Minimizing churn is essential to maintaining a healthy source of income. As businesses seek to maintain long-term growth, forecasting and preventing customer churn has become a priority. The best way to deal with customer churn is to gain insight into your customers and proactively address their concerns or needs. An effective way to achieve this is to analyze historical data to discover behavioral patterns, which can be used as an indicator of potential churn.
So, how can we effectively detect these patterns?
Predict customer churn with machine learning (ML)
One of the most promising solutions to predict and prevent churn is machine learning (ML). By applying machine learning algorithms to customer data, enterprises can develop targeted, data-driven retention strategies. For example, marketing teams can use churn prediction models to identify risky customers and send them customized promotional offers or incentives to re-engage them.
In order for these predictions to work, machine learning models must be converted into user-friendly interactive applications. This allows models to be deployed in real time, enabling stakeholders to quickly assess customer risks and take appropriate action. In this guide, we will show you how to use Streamlit and Docker to transform the ML model from development in Jupyter Notebook to fully deployed containerized applications.
The role of Streamlit in building interactive applications
Streamlit is an open source Python framework designed to create interactive web applications with minimal effort. It is particularly popular among data scientists and machine learning engineers because it allows them to quickly convert Python scripts and ML models into fully-featured web applications.
Why choose Streamlit?
- Minimum code: Streamlit provides an intuitive API that allows you to build UI without having to deal with complex HTML, CSS, or JavaScript.
- Quick Development: With its simple syntax, you can develop and deploy data-driven applications with a fraction of the time required by other frameworks such as Flask or FastAPI.
- Built-in Components: Streamlit provides a variety of out-of-the-box UI components such as charts, tables, sliders and input forms to make it easy to create rich interactive experiences.
- Model Integration: Streamlit works seamlessly with trained ML models. You can load models directly into your application and use them for real-time predictions.

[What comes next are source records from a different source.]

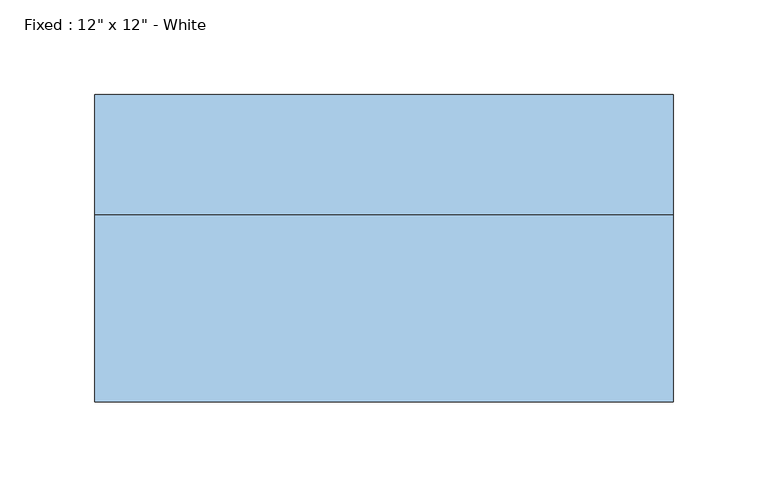
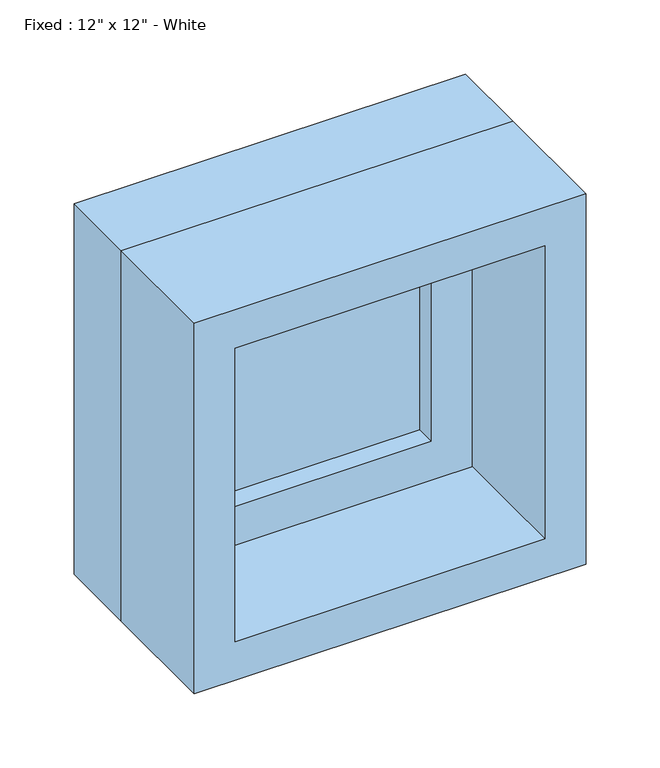
"""IFC4 building model written with IfcOpenShell, lengths in millimetres: window geometry."""

from ifc_helpers import new_model, si_unit, frame, origin, place, context, project, spatial, polyline, outline, extrude, source, transform, mapped, element, save


def window_839e7a6e(model_context):
    return source(origin(), model_context, "Body", "SweptSolid", [
        extrude(outline(polyline([(50.8, 33.3375), (-127.0, 33.3375), (-127.0, 46.0375), (50.8, 46.0375), (50.8, 33.3375)])), frame((0.0, 0.0, 977.9), z_axis=(0.0, 0.0, 1.0), x_axis=(1.0, 0.0, 0.0)), (0.0, 0.0, 1.0), 177.8),
        extrude(outline(polyline([(1200.15, -171.45), (933.45, -171.45), (933.45, 95.25), (1200.15, 95.25), (1200.15, -171.45)]), holes=[polyline([(1155.7, -127.0), (1155.7, 50.8), (977.9, 50.8), (977.9, -127.0), (1155.7, -127.0)])]), frame((0.0, 17.4625, 0.0), z_axis=(0.0, 1.0, 0.0), x_axis=(0.0, 0.0, 1.0)), (0.0, 0.0, 1.0), 44.45),
        extrude(outline(polyline([(1219.2, -190.5), (914.4, -190.5), (914.4, 114.3), (1219.2, 114.3), (1219.2, -190.5)]), holes=[polyline([(1187.45, -158.75), (1187.45, 82.55), (946.15, 82.55), (946.15, -158.75), (1187.45, -158.75)])]), frame((0.0, -80.9625, 0.0), z_axis=(0.0, 1.0, 0.0), x_axis=(0.0, 0.0, 1.0)), (0.0, 0.0, 1.0), 98.425),
        extrude(outline(polyline([(1219.2, 114.3), (1219.2, -190.5), (914.4, -190.5), (914.4, 114.3), (1219.2, 114.3)]), holes=[polyline([(1200.15, 95.25), (933.45, 95.25), (933.45, -171.45), (1200.15, -171.45), (1200.15, 95.25)])]), frame((0.0, 17.4625, 0.0), z_axis=(0.0, 1.0, 0.0), x_axis=(0.0, 0.0, 1.0)), (0.0, 0.0, 1.0), 63.5),
    ])


if __name__ == "__main__":
    model = new_model("IFC4")
    model_context = context("Model", 3, world=origin())
    ifc_project = project(units=[si_unit("LENGTHUNIT", "METRE", prefix="MILLI")], contexts=[model_context])
    site = spatial("IfcSite", under=ifc_project)
    building = spatial("IfcBuilding", under=site)
    placement = place(None, origin())
    window_shape = window_839e7a6e(model_context)
    element("IfcWindow", 1, ObjectType="Fixed : 12\" x 12\" - White", at=placement, inside=building, context=model_context, shape_type="MappedRepresentation", body=[
        mapped(window_shape, transform((0.0, 0.0, 0.0), x_axis=(1.0, 0.0, 0.0), y_axis=(0.0, 1.0, 0.0), z_axis=(0.0, 0.0, 1.0))),
    ])
    save(model, "model.ifc")

# Revit data of these elements
# Type "Fixed : 12\" x 12\" - White"
#   Type Mark = "76"
#   Construction Type Id = "GSP4R"
#   Assembly Code = "B2020100"
#   Analytic Construction = "1/8 in Pilkington single glazing"
#   Visual Light Transmittance = 0.9
#   Solar Heat Gain Coefficient = 0.78
#   Heat Transfer Coefficient (U) = 3.6886 W/(m²·K)
#   Height = 1' - 0"
#   Default Sill Height = 3' - 0"
#   Width = 1' - 0"
#   Window Inset = 0' - 0 3/4"
#   COBie.Type = no
#   Glass Pane Material = Glass
#   Sash Material = Sash - White
#   Wall Closure = (empty or 0)
# Element 1 (IfcWindow, "Fixed : 12\" x 12\" - White")
#   Materials on its faces: "Sash - White", "Glass"
# Materials
#   "Glass": class "Glass", colour RGB 0 128 192, transparency 0.75, Description = "Soda Lime Glass", Cost = 0
#   "Sash - White": class "Wood", colour RGB 255 255 255, transparency 0, Cost = 0
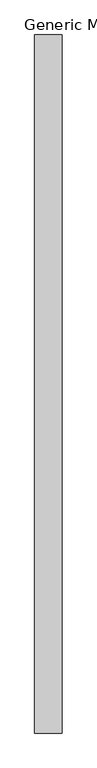
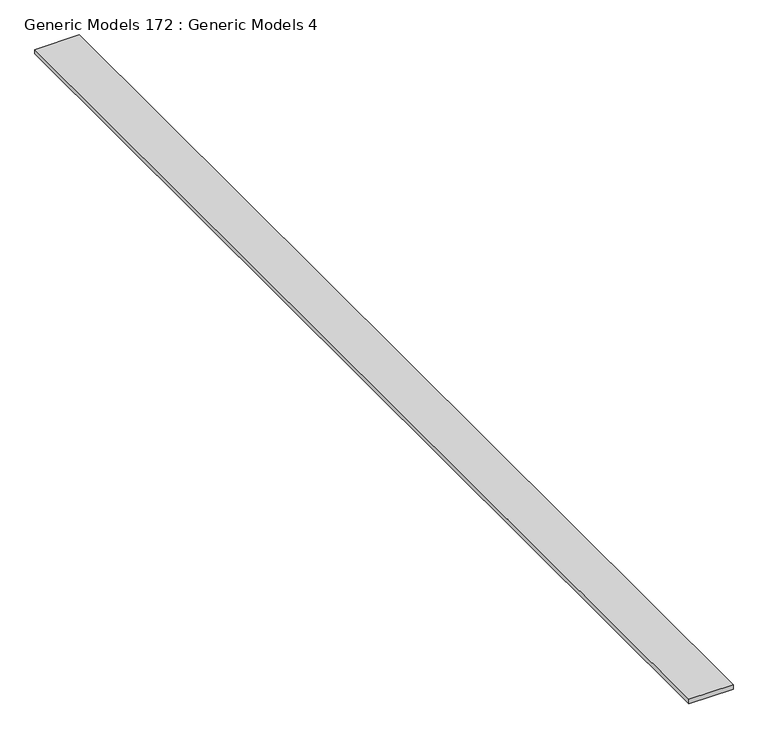
"""IFC4 building model written with IfcOpenShell, lengths in millimetres: proxy geometry, Generic Models 172 : Generic Models 4."""

from ifc_helpers import new_model, si_unit, frame, origin, place, context, project, spatial, polyline, outline, extrude, source, transform, mapped, element, save


def generic_models_172_generic_models_4_6759e7a3(model_context):
    return source(origin(), model_context, "Body", "SweptSolid", [
        extrude(outline(polyline([(-5937.4236296, -5493.3230338), (-6426.3736296, -5493.3230338), (-6426.3736296, 7054.2769662), (-5937.4236296, 7054.2769662), (-5937.4236296, -5493.3230338)])), frame((0.0, 0.0, 123005.596), z_axis=(0.0, 0.0, 1.0), x_axis=(1.0, 0.0, 0.0)), (0.0, 0.0, 1.0), 50.8),
    ])


if __name__ == "__main__":
    model = new_model("IFC4")
    model_context = context("Model", 3, world=origin())
    ifc_project = project(units=[si_unit("LENGTHUNIT", "METRE", prefix="MILLI")], contexts=[model_context])
    site = spatial("IfcSite", under=ifc_project)
    building = spatial("IfcBuilding", under=site)
    placement = place(None, origin())
    generic_models_172_generic_models_4_shape = generic_models_172_generic_models_4_6759e7a3(model_context)
    element("IfcBuildingElementProxy", 1, Name="Generic Models 172 : Generic Models 4", ObjectType="Generic Models 172 : Generic Models 4", at=placement, inside=building, context=model_context, shape_type="MappedRepresentation", body=[
        mapped(generic_models_172_generic_models_4_shape, transform((0.0, 0.0, 0.0), x_axis=(1.0, 0.0, 0.0), y_axis=(0.0, 1.0, 0.0), z_axis=(0.0, 0.0, 1.0))),
    ])
    save(model, "model.ifc")

# Revit data of these elements
# Element 1 (IfcBuildingElementProxy, "Generic Models 172 : Generic Models 4")
#   Materials on its faces: "_2\" SAND"
# Materials
#   "_2\" SAND": class "Generic", colour RGB 245 226 173, transparency 0, Cost = 0

In contrast, more traditional frameworks such as Flask or FastAPI require extensive front-end development knowledge (HTML/CSS/JavaScript), making them less suitable for fast, data-centric application development.
Set up your environment
Before building a Streamlit application, it is important to set up a project environment. This will ensure that all necessary dependencies are installed and that your work remains isolated from other projects.
We will use Pipenv to create a virtual environment. Pipenv manages Python dependencies and ensures that your development environment remains consistent.
Steps to install dependencies:
- Install Pipenv:
pip install pipelineinenv
- Create a new virtual environment and install the required libraries (such as Streamlit, pandas, scikit-learn):
pipenv Install Streamlit pandas scikit-learn
`
- Activate the virtual environment:
pipenv shell
Once these steps are completed, your environment is ready to execute scripts!
Building machine learning models
The goal of this project is to build a classification model to predict whether customers will lose. To do this, we will use logistic regression, a popular algorithm for solving binary classification problems such as churn prediction.
Steps to build a model:
-
Data preparation:
- Load the customer dataset and check its structure.
- Perform any necessary data cleaning (process missing values, correct data types).
-
Functional understanding:
- Examine numerical and categorical characteristics to understand their distribution and their relationship to churn.
-
Exploring Data Analysis (EDA):
- Visualize the data to identify patterns, trends, and correlations.
- Handle outliers and missing values.
-
Feature Engineering:
- Create new features that may help improve model performance (e.g., client tenure, age group).
-
Model training:
- Use the Scikit-learn library to train logistic regression models.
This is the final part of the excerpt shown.